As noted in the text, the code doesn’t check the condition θΓ = Γ. A second, similar shortcut could have been taken by not passing ftv(Γ) to generalize. I chose not to take the second shortcut, because I want the code to resemble the rules as much as possible. But not if it required adding another judgment form (equality of environments) and associated code to table 7.3 on page 432. I also want not to make the total cost of type checking quadratic in the number of definitions.

FAQ: One could ask why those rules mess with Γ at all, given that we know a top-level Γ is empty. The side conditions and the parameter are needed to ensure soundness of each rule using purely local reasoning. The fact that a top-level Γ has these other properties is an emergent property of the rules system as a whole, the proof of which warrants a homework exercise (Exercise 10). And an emergent property is something we prefer not to rely on in a soundness proof. (The analogy with the LET rules doesn’t hurt either; if the VAL and VALREC rules were not consistent with LET, that would need explaining.)
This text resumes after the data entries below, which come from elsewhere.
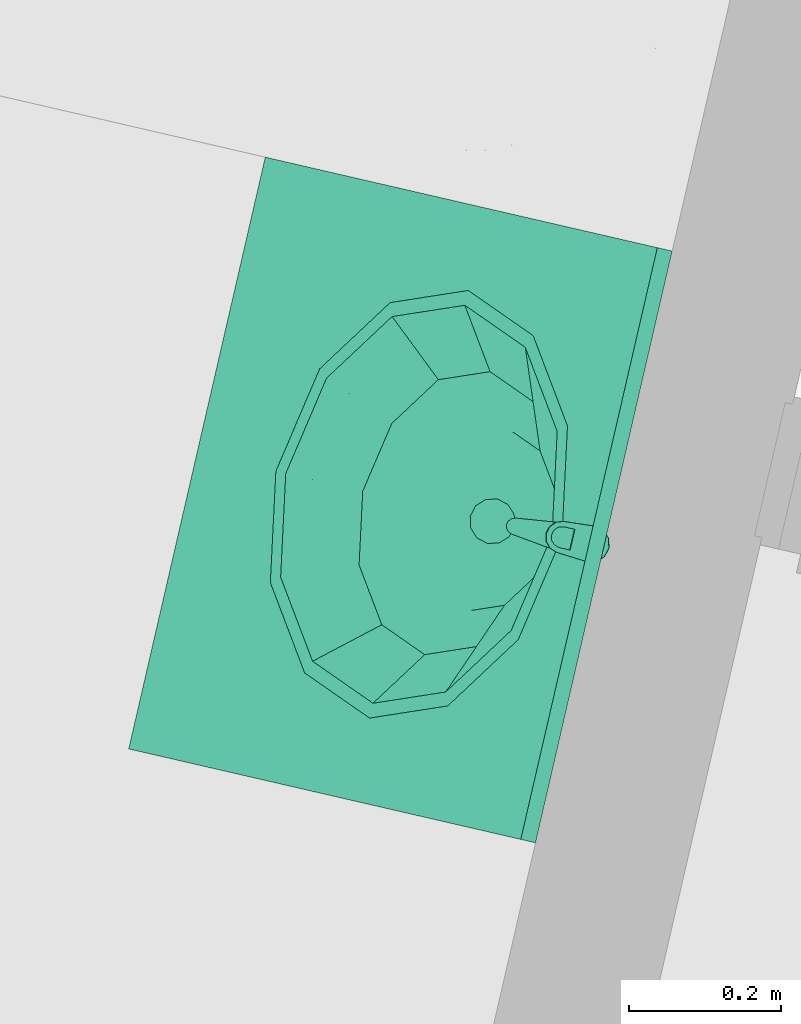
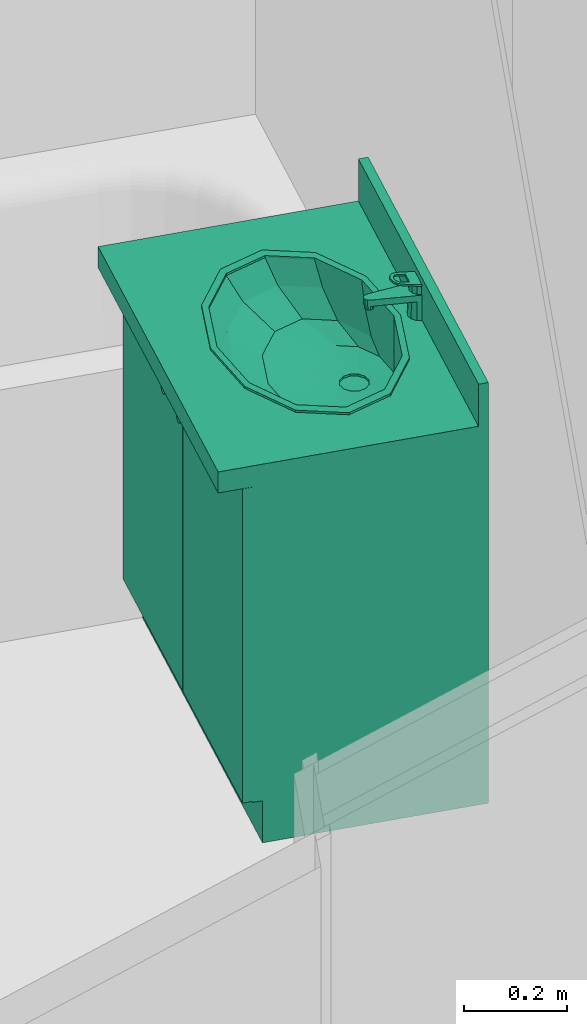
# One storey, part 44 of 62: 1 flow terminal.
"""IFC2X3 building model written with IfcOpenShell, lengths in metres."""

from ifc_helpers import new_model, entity, si_unit, converted_unit, derived_unit, money_unit, direction, frame, origin_with_axes, place, context, subcontext, project, spatial, open_shell, faceted_brep, surface_model, source, transform, mapped, type_object, element, save


model = new_model("IFC2X3")

# Units and contexts
model_context = context("Model", 3, precision=1e-05, world=origin_with_axes(), true_north=direction((0.0, 1.0)))
body_context = subcontext(model_context, "Body", "Model", "MODEL_VIEW")
ifc_project = project(units=[si_unit("LENGTHUNIT", "METRE"), si_unit("AREAUNIT", "SQUARE_METRE"), si_unit("VOLUMEUNIT", "CUBIC_METRE"), converted_unit("PLANEANGLEUNIT", "DEGREE", entity("IfcPlaneAngleMeasure", 0.0174532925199), si_unit("PLANEANGLEUNIT", "RADIAN"), dimensions=[0, 0, 0, 0, 0, 0, 0]), si_unit("SOLIDANGLEUNIT", "STERADIAN"), money_unit("EUR"), converted_unit("TIMEUNIT", "Year", entity("IfcTimeMeasure", 31556926.0), si_unit("TIMEUNIT", "SECOND"), dimensions=[0, 0, 1, 0, 0, 0, 0]), si_unit("MASSUNIT", "GRAM", prefix="KILO"), si_unit("THERMODYNAMICTEMPERATUREUNIT", "DEGREE_CELSIUS"), si_unit("LUMINOUSINTENSITYUNIT", "LUMEN"), si_unit("ENERGYUNIT", "JOULE", prefix="MEGA"), derived_unit("THERMALCONDUCTANCEUNIT", [(si_unit("POWERUNIT", "WATT"), 1), (si_unit("LENGTHUNIT", "METRE"), -1), (si_unit("THERMODYNAMICTEMPERATUREUNIT", "KELVIN"), -1)]), derived_unit("SPECIFICHEATCAPACITYUNIT", [(si_unit("ENERGYUNIT", "JOULE"), 1), (si_unit("MASSUNIT", "GRAM", prefix="KILO"), -1), (si_unit("THERMODYNAMICTEMPERATUREUNIT", "KELVIN"), -1)]), derived_unit("MASSDENSITYUNIT", [(si_unit("MASSUNIT", "GRAM", prefix="KILO"), 1), (si_unit("VOLUMEUNIT", "CUBIC_METRE"), -1)])], contexts=[model_context])

# Site, building, storey
site_placement = place(None, origin_with_axes())
site = spatial("IfcSite", under=ifc_project, at=site_placement, Name="Site", CompositionType="ELEMENT")
building_placement = place(site_placement, origin_with_axes())
building = spatial("IfcBuilding", under=site, at=building_placement, Name="Bâtiment", CompositionType="ELEMENT")
storey_placement = place(building_placement, frame((0.0, 0.0, 8.16), z_axis=(0.0, 0.0, 1.0), x_axis=(1.0, 0.0, 0.0)))
storey = spatial("IfcBuildingStorey", under=building, at=storey_placement, Name="R+3", CompositionType="ELEMENT", Elevation=8.16)

# Flow terminal
sanitary_terminal_type = type_object("IfcSanitaryTerminalType", Name="Lavabo sur meuble 23", PredefinedType="NOTDEFINED")
shared_shape = source(origin_with_axes(), body_context, "Body", "SurfaceModel", [
    faceted_brep([(0.0, 0.09, 0.0), (0.0, 0.09, 0.1), (-0.8, 0.09, 0.1), (-0.8, 0.09, 0.0), (0.0, 0.55, 0.0), (0.0, 0.55, 0.1), (-0.8, 0.55, 0.1), (-0.8, 0.55, 0.0)], [[[0, 1, 2, 3]], [[4, 5, 1, 0]], [[1, 5, 6, 2]], [[3, 2, 6, 7]], [[0, 3, 7, 4]], [[7, 6, 5, 4]]]),
    faceted_brep([(0.0, 0.07, 0.1), (0.0, 0.07, 0.12), (-0.02, 0.07, 0.12), (-0.02, 0.07, 0.1), (0.0, 0.55, 0.1), (0.0, 0.55, 0.12), (-0.02, 0.55, 0.12), (-0.78, 0.55, 0.12), (-0.8, 0.55, 0.12), (-0.8, 0.07, 0.12), (-0.78, 0.07, 0.12), (-0.78, 0.07, 0.1), (-0.8, 0.07, 0.1), (-0.8, 0.55, 0.1), (-0.78, 0.55, 0.1), (-0.02, 0.55, 0.1)], [[[0, 1, 2, 3]], [[4, 5, 1, 0]], [[1, 5, 6, 7, 8, 9, 10, 2]], [[3, 2, 10, 11]], [[0, 3, 11, 12, 13, 14, 15, 4]], [[15, 6, 5, 4]], [[14, 7, 6, 15]], [[13, 8, 7, 14]], [[12, 9, 8, 13]], [[11, 10, 9, 12]]]),
    faceted_brep([(0.0, 0.07, 0.12), (0.0, 0.07, 0.85), (-0.02, 0.07, 0.85), (-0.02, 0.07, 0.12), (0.0, 0.55, 0.12), (0.0, 0.55, 0.85), (-0.8, 0.55, 0.85), (-0.8, 0.07, 0.85), (-0.78, 0.07, 0.85), (-0.78, 0.53, 0.85), (-0.02, 0.53, 0.85), (-0.02, 0.53, 0.12), (-0.78, 0.53, 0.12), (-0.78, 0.07, 0.12), (-0.8, 0.07, 0.12), (-0.8, 0.55, 0.12)], [[[0, 1, 2, 3]], [[4, 5, 1, 0]], [[1, 5, 6, 7, 8, 9, 10, 2]], [[3, 2, 10, 11]], [[0, 3, 11, 12, 13, 14, 15, 4]], [[15, 6, 5, 4]], [[14, 7, 6, 15]], [[13, 8, 7, 14]], [[12, 9, 8, 13]], [[11, 10, 9, 12]]]),
    faceted_brep([(-0.78, 0.07, 0.323333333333), (-0.78, 0.07, 0.343333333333), (-0.78, 0.53, 0.343333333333), (-0.78, 0.53, 0.323333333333), (-0.02, 0.07, 0.323333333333), (-0.02, 0.07, 0.343333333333), (-0.02, 0.53, 0.343333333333), (-0.02, 0.53, 0.323333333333)], [[[0, 1, 2, 3]], [[4, 5, 1, 0]], [[1, 5, 6, 2]], [[3, 2, 6, 7]], [[0, 3, 7, 4]], [[7, 6, 5, 4]]]),
    faceted_brep([(-0.78, 0.07, 0.566666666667), (-0.78, 0.07, 0.586666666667), (-0.78, 0.53, 0.586666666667), (-0.78, 0.53, 0.566666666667), (-0.02, 0.07, 0.566666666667), (-0.02, 0.07, 0.586666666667), (-0.02, 0.53, 0.586666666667), (-0.02, 0.53, 0.566666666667)], [[[0, 1, 2, 3]], [[4, 5, 1, 0]], [[1, 5, 6, 2]], [[3, 2, 6, 7]], [[0, 3, 7, 4]], [[7, 6, 5, 4]]]),
    faceted_brep([(0.0, 0.55, 0.85), (0.0, 0.0, 0.85), (-0.8, 0.0, 0.85), (-0.8, 0.55, 0.85), (-0.535, 0.144115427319, 0.85), (-0.4, 0.12, 0.85), (-0.265, 0.144115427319, 0.85), (-0.166173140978, 0.21, 0.85), (-0.13, 0.3, 0.85), (-0.166173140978, 0.39, 0.85), (-0.265, 0.455884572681, 0.85), (-0.4, 0.48, 0.85), (-0.535, 0.455884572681, 0.85), (-0.633826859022, 0.39, 0.85), (-0.67, 0.3, 0.85), (-0.633826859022, 0.21, 0.85), (0.0, 0.55, 0.9), (0.0, 0.0, 0.9), (-0.8, 0.0, 0.9), (-0.8, 0.55, 0.9), (-0.4, 0.12, 0.9), (-0.535, 0.144115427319, 0.9), (-0.265, 0.144115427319, 0.9), (-0.166173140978, 0.21, 0.9), (-0.13, 0.3, 0.9), (-0.166173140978, 0.39, 0.9), (-0.265, 0.455884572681, 0.9), (-0.4, 0.48, 0.9), (-0.535, 0.455884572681, 0.9), (-0.633826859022, 0.39, 0.9), (-0.67, 0.3, 0.9), (-0.633826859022, 0.21, 0.9)], [[[0, 1, 2, 3], [4, 5, 6, 7, 8, 9, 10, 11, 12, 13, 14, 15]], [[1, 0, 16, 17]], [[2, 1, 17, 18]], [[3, 2, 18, 19]], [[0, 3, 19, 16]], [[20, 5, 4, 21]], [[22, 6, 5, 20]], [[23, 7, 6, 22]], [[24, 8, 7, 23]], [[25, 9, 8, 24]], [[26, 10, 9, 25]], [[27, 11, 10, 26]], [[28, 12, 11, 27]], [[29, 13, 12, 28]], [[30, 14, 13, 29]], [[31, 15, 14, 30]], [[21, 4, 15, 31]], [[18, 17, 16, 19], [28, 27, 26, 25, 24, 23, 22, 20, 21, 31, 30, 29]]]),
    faceted_brep([(0.0, 0.53, 0.9), (0.0, 0.53, 1.0), (-0.8, 0.53, 1.0), (-0.8, 0.53, 0.9), (0.0, 0.55, 0.9), (0.0, 0.55, 1.0), (-0.8, 0.55, 1.0), (-0.8, 0.55, 0.9)], [[[0, 1, 2, 3]], [[4, 5, 1, 0]], [[1, 5, 6, 2]], [[3, 2, 6, 7]], [[0, 3, 7, 4]], [[7, 6, 5, 4]]]),
    faceted_brep([(-0.689, 0.3, 0.905), (-0.650281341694, 0.396691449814, 0.905), (-0.650281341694, 0.396691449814, 0.9), (-0.689, 0.3, 0.9), (-0.650281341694, 0.203308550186, 0.905), (-0.5445, 0.132525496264, 0.905), (-0.4, 0.106617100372, 0.905), (-0.2555, 0.132525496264, 0.905), (-0.149718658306, 0.203308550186, 0.905), (-0.111, 0.3, 0.905), (-0.149718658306, 0.396691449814, 0.905), (-0.2555, 0.467474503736, 0.905), (-0.4, 0.493382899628, 0.905), (-0.5445, 0.467474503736, 0.905), (-0.669, 0.3, 0.905), (-0.632960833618, 0.39, 0.905), (-0.5345, 0.455884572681, 0.905), (-0.4, 0.48, 0.905), (-0.2655, 0.455884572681, 0.905), (-0.167039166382, 0.39, 0.905), (-0.131, 0.3, 0.905), (-0.167039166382, 0.21, 0.905), (-0.2655, 0.144115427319, 0.905), (-0.4, 0.12, 0.905), (-0.5345, 0.144115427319, 0.905), (-0.632960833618, 0.21, 0.905), (-0.5445, 0.467474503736, 0.9), (-0.4, 0.493382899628, 0.9), (-0.2555, 0.467474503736, 0.9), (-0.149718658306, 0.396691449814, 0.9), (-0.111, 0.3, 0.9), (-0.149718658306, 0.203308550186, 0.9), (-0.2555, 0.132525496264, 0.9), (-0.4, 0.106617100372, 0.9), (-0.5445, 0.132525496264, 0.9), (-0.650281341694, 0.203308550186, 0.9), (-0.669, 0.3, 0.9), (-0.632960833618, 0.21, 0.9), (-0.5345, 0.144115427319, 0.9), (-0.4, 0.12, 0.9), (-0.2655, 0.144115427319, 0.9), (-0.167039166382, 0.21, 0.9), (-0.131, 0.3, 0.9), (-0.167039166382, 0.39, 0.9), (-0.2655, 0.455884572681, 0.9), (-0.4, 0.48, 0.9), (-0.5345, 0.455884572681, 0.9), (-0.632960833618, 0.39, 0.9)], [[[0, 1, 2, 3]], [[0, 4, 5, 6, 7, 8, 9, 10, 11, 12, 13, 1], [14, 15, 16, 17, 18, 19, 20, 21, 22, 23, 24, 25]], [[1, 13, 26, 2]], [[3, 2, 26, 27, 28, 29, 30, 31, 32, 33, 34, 35], [36, 37, 38, 39, 40, 41, 42, 43, 44, 45, 46, 47]], [[4, 0, 3, 35]], [[5, 4, 35, 34]], [[6, 5, 34, 33]], [[7, 6, 33, 32]], [[8, 7, 32, 31]], [[9, 8, 31, 30]], [[10, 9, 30, 29]], [[11, 10, 29, 28]], [[12, 11, 28, 27]], [[13, 12, 27, 26]], [[15, 14, 36, 47]], [[16, 15, 47, 46]], [[17, 16, 46, 45]], [[18, 17, 45, 44]], [[19, 18, 44, 43]], [[20, 19, 43, 42]], [[21, 20, 42, 41]], [[22, 21, 41, 40]], [[23, 22, 40, 39]], [[24, 23, 39, 38]], [[25, 24, 38, 37]], [[14, 25, 37, 36]]]),
    surface_model("IfcShellBasedSurfaceModel", [(-0.4, 0.48, 0.9), (-0.5345, 0.455884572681, 0.9), (-0.52105, 0.458296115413, 0.848), (-0.4, 0.48, 0.848), (-0.632960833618, 0.39, 0.9), (-0.609664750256, 0.399, 0.848), (-0.2655, 0.455884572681, 0.9), (-0.27895, 0.458296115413, 0.848), (-0.669, 0.3, 0.9), (-0.6421, 0.318, 0.848), (-0.167039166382, 0.39, 0.9), (-0.190335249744, 0.399, 0.848), (-0.632960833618, 0.21, 0.9), (-0.609664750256, 0.237, 0.848), (-0.131, 0.3, 0.9), (-0.1579, 0.318, 0.848), (-0.5345, 0.144115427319, 0.9), (-0.52105, 0.177703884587, 0.848), (-0.167039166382, 0.21, 0.9), (-0.190335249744, 0.237, 0.848), (-0.4, 0.12, 0.9), (-0.4, 0.156, 0.848), (-0.2655, 0.144115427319, 0.9), (-0.27895, 0.177703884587, 0.848)], [open_shell([[[0, 1, 2, 3]], [[1, 4, 5, 2]], [[6, 0, 3, 7]], [[4, 8, 9, 5]], [[10, 6, 7, 11]], [[8, 12, 13, 9]], [[14, 10, 11, 15]], [[12, 16, 17, 13]], [[18, 14, 15, 19]], [[16, 20, 21, 17]], [[22, 18, 19, 23]], [[20, 22, 23, 21]]])]),
    surface_model("IfcShellBasedSurfaceModel", [(-0.4, 0.48, 0.848), (-0.52105, 0.458296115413, 0.848), (-0.4956295, 0.462853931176, 0.796), (-0.4, 0.48, 0.796), (-0.609664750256, 0.399, 0.848), (-0.565635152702, 0.41601, 0.796), (-0.27895, 0.458296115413, 0.848), (-0.3043705, 0.462853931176, 0.796), (-0.6421, 0.318, 0.848), (-0.591259, 0.35202, 0.796), (-0.190335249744, 0.399, 0.848), (-0.234364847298, 0.41601, 0.796), (-0.609664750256, 0.237, 0.848), (-0.565635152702, 0.28803, 0.796), (-0.1579, 0.318, 0.848), (-0.208741, 0.35202, 0.796), (-0.52105, 0.177703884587, 0.848), (-0.4956295, 0.241186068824, 0.796), (-0.190335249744, 0.237, 0.848), (-0.234364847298, 0.28803, 0.796), (-0.4, 0.156, 0.848), (-0.4, 0.22404, 0.796), (-0.27895, 0.177703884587, 0.848), (-0.3043705, 0.241186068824, 0.796)], [open_shell([[[0, 1, 2, 3]], [[1, 4, 5, 2]], [[6, 0, 3, 7]], [[4, 8, 9, 5]], [[10, 6, 7, 11]], [[8, 12, 13, 9]], [[14, 10, 11, 15]], [[12, 16, 17, 13]], [[18, 14, 15, 19]], [[16, 20, 21, 17]], [[22, 18, 19, 23]], [[20, 22, 23, 21]]])]),
    surface_model("IfcShellBasedSurfaceModel", [(-0.4, 0.48, 0.796), (-0.4956295, 0.462853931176, 0.796), (-0.460246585, 0.469197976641, 0.77), (-0.4, 0.48, 0.77), (-0.565635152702, 0.41601, 0.796), (-0.504350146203, 0.4396863, 0.77), (-0.3043705, 0.462853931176, 0.796), (-0.339753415, 0.469197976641, 0.77), (-0.591259, 0.35202, 0.796), (-0.52049317, 0.3993726, 0.77), (-0.234364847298, 0.41601, 0.796), (-0.295649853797, 0.4396863, 0.77), (-0.565635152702, 0.28803, 0.796), (-0.504350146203, 0.3590589, 0.77), (-0.208741, 0.35202, 0.796), (-0.27950683, 0.3993726, 0.77), (-0.4956295, 0.241186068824, 0.796), (-0.460246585, 0.329547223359, 0.77), (-0.234364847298, 0.28803, 0.796), (-0.295649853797, 0.3590589, 0.77), (-0.4, 0.22404, 0.796), (-0.4, 0.3187452, 0.77), (-0.3043705, 0.241186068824, 0.796), (-0.339753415, 0.329547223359, 0.77)], [open_shell([[[0, 1, 2, 3]], [[1, 4, 5, 2]], [[6, 0, 3, 7]], [[4, 8, 9, 5]], [[10, 6, 7, 11]], [[8, 12, 13, 9]], [[14, 10, 11, 15]], [[12, 16, 17, 13]], [[18, 14, 15, 19]], [[16, 20, 21, 17]], [[22, 18, 19, 23]], [[20, 22, 23, 21]]])]),
    surface_model("IfcShellBasedSurfaceModel", [(-0.4, 0.48, 0.77), (-0.460246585, 0.469197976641, 0.77), (-0.415, 0.425353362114, 0.763), (-0.425980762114, 0.4143726, 0.763), (-0.4, 0.4293726, 0.763), (-0.504350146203, 0.4396863, 0.77), (-0.339753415, 0.469197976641, 0.77), (-0.43, 0.3993726, 0.763), (-0.385, 0.425353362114, 0.763), (-0.52049317, 0.3993726, 0.77), (-0.295649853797, 0.4396863, 0.77), (-0.425980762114, 0.3843726, 0.763), (-0.374019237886, 0.4143726, 0.763), (-0.504350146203, 0.3590589, 0.77), (-0.27950683, 0.3993726, 0.77), (-0.415, 0.373391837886, 0.763), (-0.37, 0.3993726, 0.763), (-0.460246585, 0.329547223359, 0.77), (-0.295649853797, 0.3590589, 0.77), (-0.4, 0.3693726, 0.763), (-0.374019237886, 0.3843726, 0.763), (-0.4, 0.3187452, 0.77), (-0.339753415, 0.329547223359, 0.77), (-0.385, 0.373391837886, 0.763)], [open_shell([[[0, 1, 2]], [[1, 3, 2]], [[0, 2, 4]], [[1, 5, 3]], [[6, 0, 4]], [[5, 7, 3]], [[6, 4, 8]], [[5, 9, 7]], [[10, 6, 8]], [[9, 11, 7]], [[10, 8, 12]], [[9, 13, 11]], [[14, 10, 12]], [[13, 15, 11]], [[14, 12, 16]], [[13, 17, 15]], [[18, 14, 16]], [[17, 19, 15]], [[18, 16, 20]], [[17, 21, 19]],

The operational semantics of μML (Chapter 8) uses the same evaluation judgment as μScheme (Chapter 2): ⟨e,ρ,σ⟩⇓v. But μML does not have mutable variables, so by rights it should use the same evaluation judgment as nano-ML (Chapter 5): ⟨e,ρ⟩⇓v. The judgment forms used in rules CaseScrutinee, CaseMatch, and CaseFail should be updated to use the correct judgment form. And the second premise of CaseMatch should read

⟨e₁,ρ+ρ’⟩⇓v’.

Nothing else needs to change.

(The error was caused by using the wrong definition for the LaTeX macro \eval.)

In Typed μScheme, as a result of a copy/paste error, the predefined function cadr is given an unnecessarily restricted type. It is possible for the function to have type (forall ['a] ((list 'a) -> 'a)), as per this definition:

(val [cadr : (forall ['a] ((list 'a) ->'a))]
  (type-lambda ['a]
    (lambda ([xs : (list 'a)])
       ((@ car 'a) ((@ cdr 'a) xs))))

In Typed uScheme, function expString formatted the typed formal parameters incorrectly.

The corrected code reads as follows:

    fun sqbracket s = "[" ^ s ^ "]"
    val sqSpace = sqbracket o spaceSep
    fun formal (x, tau) = sqSpace [x, ":", typeString tau]